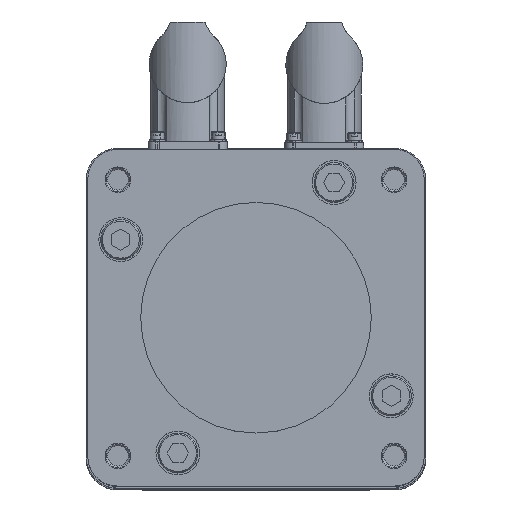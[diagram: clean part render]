
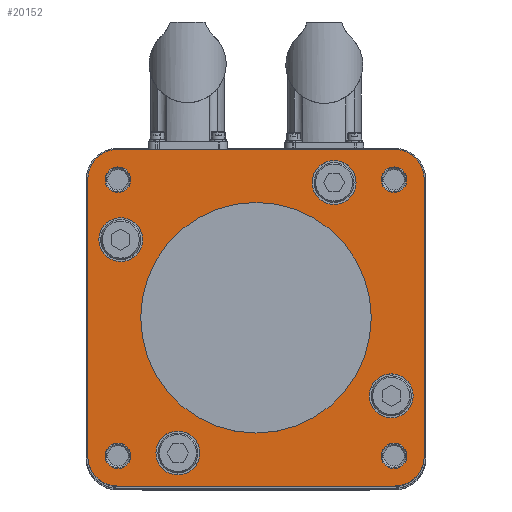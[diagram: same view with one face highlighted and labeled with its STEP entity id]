
A CAD part, top view. The second image highlights one B-rep face of the part: STEP entity #20152.
In plain terms, the highlighted planar face has unit normal (0, 0, 1).
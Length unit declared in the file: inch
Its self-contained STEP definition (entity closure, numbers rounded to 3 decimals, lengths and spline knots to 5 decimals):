
#3369=DIRECTION('',(0.,-1.,0.));
#3370=VECTOR('',#3369,3.55);
#3371=CARTESIAN_POINT('',(2.155,1.775,6.08));
#3372=LINE('',#3371,#3370);
#3373=CARTESIAN_POINT('',(-1.775,-1.775,6.08));
#3374=DIRECTION('',(0.,0.,1.));
#3375=DIRECTION('',(-1.,0.,0.));
#3376=AXIS2_PLACEMENT_3D('',#3373,#3374,#3375);
#3378=CARTESIAN_POINT('',(-1.775,1.775,6.08));
#3379=DIRECTION('',(0.,0.,1.));
#3380=DIRECTION('',(0.,1.,0.));
#3381=AXIS2_PLACEMENT_3D('',#3378,#3379,#3380);
#3383=CARTESIAN_POINT('',(1.775,1.775,6.08));
#3384=DIRECTION('',(0.,0.,1.));
#3385=DIRECTION('',(1.,0.,0.));
#3386=AXIS2_PLACEMENT_3D('',#3383,#3384,#3385);
#3388=CARTESIAN_POINT('',(1.775,-1.775,6.08));
#3389=DIRECTION('',(0.,0.,1.));
#3390=DIRECTION('',(0.,-1.,0.));
#3391=AXIS2_PLACEMENT_3D('',#3388,#3389,#3390);
#3393=CARTESIAN_POINT('',(-1.,-1.73205,6.08));
#3394=DIRECTION('',(0.,0.,-1.));
#3395=DIRECTION('',(-1.,0.,0.));
#3396=AXIS2_PLACEMENT_3D('',#3393,#3394,#3395);
#3398=CARTESIAN_POINT('',(-1.,-1.73205,6.08));
#3399=DIRECTION('',(0.,0.,-1.));
#3400=DIRECTION('',(1.,0.,0.));
#3401=AXIS2_PLACEMENT_3D('',#3398,#3399,#3400);
#3403=CARTESIAN_POINT('',(1.,1.73205,6.08));
#3404=DIRECTION('',(0.,0.,-1.));
#3405=DIRECTION('',(-1.,0.,0.));
#3406=AXIS2_PLACEMENT_3D('',#3403,#3404,#3405);
#3408=CARTESIAN_POINT('',(1.,1.73205,6.08));
#3409=DIRECTION('',(0.,0.,-1.));
#3410=DIRECTION('',(1.,0.,0.));
#3411=AXIS2_PLACEMENT_3D('',#3408,#3409,#3410);
#3413=CARTESIAN_POINT('',(-1.76777,1.76777,6.08));
#3414=DIRECTION('',(0.,0.,-1.));
#3415=DIRECTION('',(-1.,0.,0.));
#3416=AXIS2_PLACEMENT_3D('',#3413,#3414,#3415);
#3418=CARTESIAN_POINT('',(-1.76777,1.76777,6.08));
#3419=DIRECTION('',(0.,0.,-1.));
#3420=DIRECTION('',(1.,0.,0.));
#3421=AXIS2_PLACEMENT_3D('',#3418,#3419,#3420);
#3423=CARTESIAN_POINT('',(-1.76777,-1.76777,6.08));
#3424=DIRECTION('',(0.,0.,-1.));
#3425=DIRECTION('',(-1.,0.,0.));
#3426=AXIS2_PLACEMENT_3D('',#3423,#3424,#3425);
#3428=CARTESIAN_POINT('',(-1.76777,-1.76777,6.08));
#3429=DIRECTION('',(0.,0.,-1.));
#3430=DIRECTION('',(1.,0.,0.));
#3431=AXIS2_PLACEMENT_3D('',#3428,#3429,#3430);
#3433=CARTESIAN_POINT('',(0.,0.,6.08));
#3434=DIRECTION('',(0.,0.,-1.));
#3435=DIRECTION('',(1.,0.,0.));
#3436=AXIS2_PLACEMENT_3D('',#3433,#3434,#3435);
#3438=CARTESIAN_POINT('',(0.,0.,6.08));
#3439=DIRECTION('',(0.,0.,-1.));
#3440=DIRECTION('',(-1.,0.,0.));
#3441=AXIS2_PLACEMENT_3D('',#3438,#3439,#3440);
#3443=CARTESIAN_POINT('',(1.76777,1.76777,6.08));
#3444=DIRECTION('',(0.,0.,-1.));
#3445=DIRECTION('',(-1.,0.,0.));
#3446=AXIS2_PLACEMENT_3D('',#3443,#3444,#3445);
#3448=CARTESIAN_POINT('',(1.76777,1.76777,6.08));
#3449=DIRECTION('',(0.,0.,-1.));
#3450=DIRECTION('',(1.,0.,0.));
#3451=AXIS2_PLACEMENT_3D('',#3448,#3449,#3450);
#3453=CARTESIAN_POINT('',(1.76777,-1.76777,6.08));
#3454=DIRECTION('',(0.,0.,-1.));
#3455=DIRECTION('',(-1.,0.,0.));
#3456=AXIS2_PLACEMENT_3D('',#3453,#3454,#3455);
#3458=CARTESIAN_POINT('',(1.76777,-1.76777,6.08));
#3459=DIRECTION('',(0.,0.,-1.));
#3460=DIRECTION('',(1.,0.,0.));
#3461=AXIS2_PLACEMENT_3D('',#3458,#3459,#3460);
#3463=CARTESIAN_POINT('',(1.73205,-1.,6.08));
#3464=DIRECTION('',(0.,0.,-1.));
#3465=DIRECTION('',(-1.,0.,0.));
#3466=AXIS2_PLACEMENT_3D('',#3463,#3464,#3465);
#3468=CARTESIAN_POINT('',(1.73205,-1.,6.08));
#3469=DIRECTION('',(0.,0.,-1.));
#3470=DIRECTION('',(1.,0.,0.));
#3471=AXIS2_PLACEMENT_3D('',#3468,#3469,#3470);
#3473=CARTESIAN_POINT('',(-1.73205,1.,6.08));
#3474=DIRECTION('',(0.,0.,-1.));
#3475=DIRECTION('',(-1.,0.,0.));
#3476=AXIS2_PLACEMENT_3D('',#3473,#3474,#3475);
#3478=CARTESIAN_POINT('',(-1.73205,1.,6.08));
#3479=DIRECTION('',(0.,0.,-1.));
#3480=DIRECTION('',(1.,0.,0.));
#3481=AXIS2_PLACEMENT_3D('',#3478,#3479,#3480);
#3483=DIRECTION('',(-1.,0.,0.));
#3484=VECTOR('',#3483,3.55);
#3485=CARTESIAN_POINT('',(1.775,-2.155,6.08));
#3486=LINE('',#3485,#3484);
#3495=DIRECTION('',(0.,1.,0.));
#3496=VECTOR('',#3495,3.55);
#3497=CARTESIAN_POINT('',(-2.155,-1.775,6.08));
#3498=LINE('',#3497,#3496);
#3507=DIRECTION('',(1.,0.,0.));
#3508=VECTOR('',#3507,3.55);
#3509=CARTESIAN_POINT('',(-1.775,2.155,6.08));
#3510=LINE('',#3509,#3508);
#17312=CARTESIAN_POINT('',(-1.93115,-1.76777,6.08));
#17313=CARTESIAN_POINT('',(-1.60438,-1.76777,6.08));
#17314=VERTEX_POINT('',#17312);
#17315=VERTEX_POINT('',#17313);
#17316=CARTESIAN_POINT('',(1.60438,-1.76777,6.08));
#17317=CARTESIAN_POINT('',(1.93115,-1.76777,6.08));
#17318=VERTEX_POINT('',#17316);
#17319=VERTEX_POINT('',#17317);
#17320=CARTESIAN_POINT('',(0.71874,1.73205,6.08));
#17321=CARTESIAN_POINT('',(1.28126,1.73205,6.08));
#17322=VERTEX_POINT('',#17320);
#17323=VERTEX_POINT('',#17321);
#17324=CARTESIAN_POINT('',(-1.28126,-1.73205,6.08));
#17325=CARTESIAN_POINT('',(-0.71874,-1.73205,6.08));
#17326=VERTEX_POINT('',#17324);
#17327=VERTEX_POINT('',#17325);
#17333=CARTESIAN_POINT('',(1.45079,-1.,6.08));
#17334=CARTESIAN_POINT('',(2.01331,-1.,6.08));
#17335=VERTEX_POINT('',#17333);
#17336=VERTEX_POINT('',#17334);
#17337=CARTESIAN_POINT('',(1.47638,0.,6.08));
#17338=CARTESIAN_POINT('',(-1.47638,0.,6.08));
#17339=VERTEX_POINT('',#17337);
#17340=VERTEX_POINT('',#17338);
#17341=CARTESIAN_POINT('',(-2.01331,1.,6.08));
#17342=CARTESIAN_POINT('',(-1.45079,1.,6.08));
#17343=VERTEX_POINT('',#17341);
#17344=VERTEX_POINT('',#17342);
#17345=CARTESIAN_POINT('',(-1.93115,1.76777,6.08));
#17346=CARTESIAN_POINT('',(-1.60438,1.76777,6.08));
#17347=VERTEX_POINT('',#17345);
#17348=VERTEX_POINT('',#17346);
#17349=CARTESIAN_POINT('',(1.60438,1.76777,6.08));
#17350=CARTESIAN_POINT('',(1.93115,1.76777,6.08));
#17351=VERTEX_POINT('',#17349);
#17352=VERTEX_POINT('',#17350);
#17363=CARTESIAN_POINT('',(-1.775,2.155,6.08));
#17364=CARTESIAN_POINT('',(-2.155,1.775,6.08));
#17365=VERTEX_POINT('',#17363);
#17366=VERTEX_POINT('',#17364);
#17367=CARTESIAN_POINT('',(2.155,1.775,6.08));
#17368=CARTESIAN_POINT('',(2.155,-1.775,6.08));
#17369=VERTEX_POINT('',#17367);
#17370=VERTEX_POINT('',#17368);
#17371=CARTESIAN_POINT('',(1.775,-2.155,6.08));
#17372=CARTESIAN_POINT('',(-1.775,-2.155,6.08));
#17373=VERTEX_POINT('',#17371);
#17374=VERTEX_POINT('',#17372);
#17407=CARTESIAN_POINT('',(1.775,2.155,6.08));
#17408=VERTEX_POINT('',#17407);
#17409=CARTESIAN_POINT('',(-2.155,-1.775,6.08));
#17410=VERTEX_POINT('',#17409);
#20076=CARTESIAN_POINT('',(2.155,2.155,6.08));
#20077=DIRECTION('',(0.,0.,-1.));
#20078=DIRECTION('',(-1.,0.,0.));
#20079=AXIS2_PLACEMENT_3D('',#20076,#20077,#20078);
#20080=PLANE('',#20079);
#20082=ORIENTED_EDGE('',*,*,#20081,.T.);
#20084=ORIENTED_EDGE('',*,*,#20083,.F.);
#20086=ORIENTED_EDGE('',*,*,#20085,.T.);
#20088=ORIENTED_EDGE('',*,*,#20087,.F.);
#20090=ORIENTED_EDGE('',*,*,#20089,.T.);
#20092=ORIENTED_EDGE('',*,*,#20091,.F.);
#20093=ORIENTED_EDGE('',*,*,#20066,.T.);
#20095=ORIENTED_EDGE('',*,*,#20094,.F.);
#20096=EDGE_LOOP('',(#20082,#20084,#20086,#20088,#20090,#20092,#20093,#20095));
#20097=FACE_OUTER_BOUND('',#20096,.F.);
#20099=ORIENTED_EDGE('',*,*,#20098,.F.);
#20101=ORIENTED_EDGE('',*,*,#20100,.F.);
#20102=EDGE_LOOP('',(#20099,#20101));
#20103=FACE_BOUND('',#20102,.F.);
#20105=ORIENTED_EDGE('',*,*,#20104,.F.);
#20107=ORIENTED_EDGE('',*,*,#20106,.F.);
#20108=EDGE_LOOP('',(#20105,#20107));
#20109=FACE_BOUND('',#20108,.F.);
#20111=ORIENTED_EDGE('',*,*,#20110,.F.);
#20113=ORIENTED_EDGE('',*,*,#20112,.F.);
#20114=EDGE_LOOP('',(#20111,#20113));
#20115=FACE_BOUND('',#20114,.F.);
#20117=ORIENTED_EDGE('',*,*,#20116,.F.);
#20119=ORIENTED_EDGE('',*,*,#20118,.F.);
#20120=EDGE_LOOP('',(#20117,#20119));
#20121=FACE_BOUND('',#20120,.F.);
#20123=ORIENTED_EDGE('',*,*,#20122,.F.);
#20125=ORIENTED_EDGE('',*,*,#20124,.F.);
#20126=EDGE_LOOP('',(#20123,#20125));
#20127=FACE_BOUND('',#20126,.F.);
#20129=ORIENTED_EDGE('',*,*,#20128,.F.);
#20131=ORIENTED_EDGE('',*,*,#20130,.F.);
#20132=EDGE_LOOP('',(#20129,#20131));
#20133=FACE_BOUND('',#20132,.F.);
#20135=ORIENTED_EDGE('',*,*,#20134,.F.);
#20137=ORIENTED_EDGE('',*,*,#20136,.F.);
#20138=EDGE_LOOP('',(#20135,#20137));
#20139=FACE_BOUND('',#20138,.F.);
#20141=ORIENTED_EDGE('',*,*,#20140,.F.);
#20143=ORIENTED_EDGE('',*,*,#20142,.F.);
#20144=EDGE_LOOP('',(#20141,#20143));
#20145=FACE_BOUND('',#20144,.F.);
#20147=ORIENTED_EDGE('',*,*,#20146,.F.);
#20149=ORIENTED_EDGE('',*,*,#20148,.F.);
#20150=EDGE_LOOP('',(#20147,#20149));
#20151=FACE_BOUND('',#20150,.F.);
#20152=ADVANCED_FACE('',(#20097,#20103,#20109,#20115,#20121,#20127,#20133,
#20139,#20145,#20151),#20080,.F.);
#3377=CIRCLE('',#3376,0.38);
#3382=CIRCLE('',#3381,0.38);
#3387=CIRCLE('',#3386,0.38);
#3392=CIRCLE('',#3391,0.38);
#3397=CIRCLE('',#3396,0.28126);
#3402=CIRCLE('',#3401,0.28126);
#3407=CIRCLE('',#3406,0.28126);
#3412=CIRCLE('',#3411,0.28126);
#3417=CIRCLE('',#3416,0.16339);
#3422=CIRCLE('',#3421,0.16339);
#3427=CIRCLE('',#3426,0.16339);
#3432=CIRCLE('',#3431,0.16339);
#3437=CIRCLE('',#3436,1.47638);
#3442=CIRCLE('',#3441,1.47638);
#3447=CIRCLE('',#3446,0.16339);
#3452=CIRCLE('',#3451,0.16339);
#3457=CIRCLE('',#3456,0.16339);
#3462=CIRCLE('',#3461,0.16339);
#3467=CIRCLE('',#3466,0.28126);
#3472=CIRCLE('',#3471,0.28126);
#3477=CIRCLE('',#3476,0.28126);
#3482=CIRCLE('',#3481,0.28126);
#20066=EDGE_CURVE('',#17369,#17370,#3372,.T.);
#20081=EDGE_CURVE('',#17373,#17374,#3486,.T.);
#20083=EDGE_CURVE('',#17410,#17374,#3377,.T.);
#20085=EDGE_CURVE('',#17410,#17366,#3498,.T.);
#20087=EDGE_CURVE('',#17365,#17366,#3382,.T.);
#20089=EDGE_CURVE('',#17365,#17408,#3510,.T.);
#20091=EDGE_CURVE('',#17369,#17408,#3387,.T.);
#20094=EDGE_CURVE('',#17373,#17370,#3392,.T.);
#20098=EDGE_CURVE('',#17326,#17327,#3397,.T.);
#20100=EDGE_CURVE('',#17327,#17326,#3402,.T.);
#20104=EDGE_CURVE('',#17322,#17323,#3407,.T.);
#20106=EDGE_CURVE('',#17323,#17322,#3412,.T.);
#20110=EDGE_CURVE('',#17347,#17348,#3417,.T.);
#20112=EDGE_CURVE('',#17348,#17347,#3422,.T.);
#20116=EDGE_CURVE('',#17314,#17315,#3427,.T.);
#20118=EDGE_CURVE('',#17315,#17314,#3432,.T.);
#20122=EDGE_CURVE('',#17339,#17340,#3437,.T.);
#20124=EDGE_CURVE('',#17340,#17339,#3442,.T.);
#20128=EDGE_CURVE('',#17351,#17352,#3447,.T.);
#20130=EDGE_CURVE('',#17352,#17351,#3452,.T.);
#20134=EDGE_CURVE('',#17318,#17319,#3457,.T.);
#20136=EDGE_CURVE('',#17319,#17318,#3462,.T.);
#20140=EDGE_CURVE('',#17335,#17336,#3467,.T.);
#20142=EDGE_CURVE('',#17336,#17335,#3472,.T.);
#20146=EDGE_CURVE('',#17343,#17344,#3477,.T.);
#20148=EDGE_CURVE('',#17344,#17343,#3482,.T.);

========================================================================

## EXERCISE DESCRIPTION
Please go line by line through the records above, copying each one that holds the string "unit".

## RESPONSE
In plain terms, the highlighted planar face has unit normal (0, 0, 1).
Length unit declared in the file: inch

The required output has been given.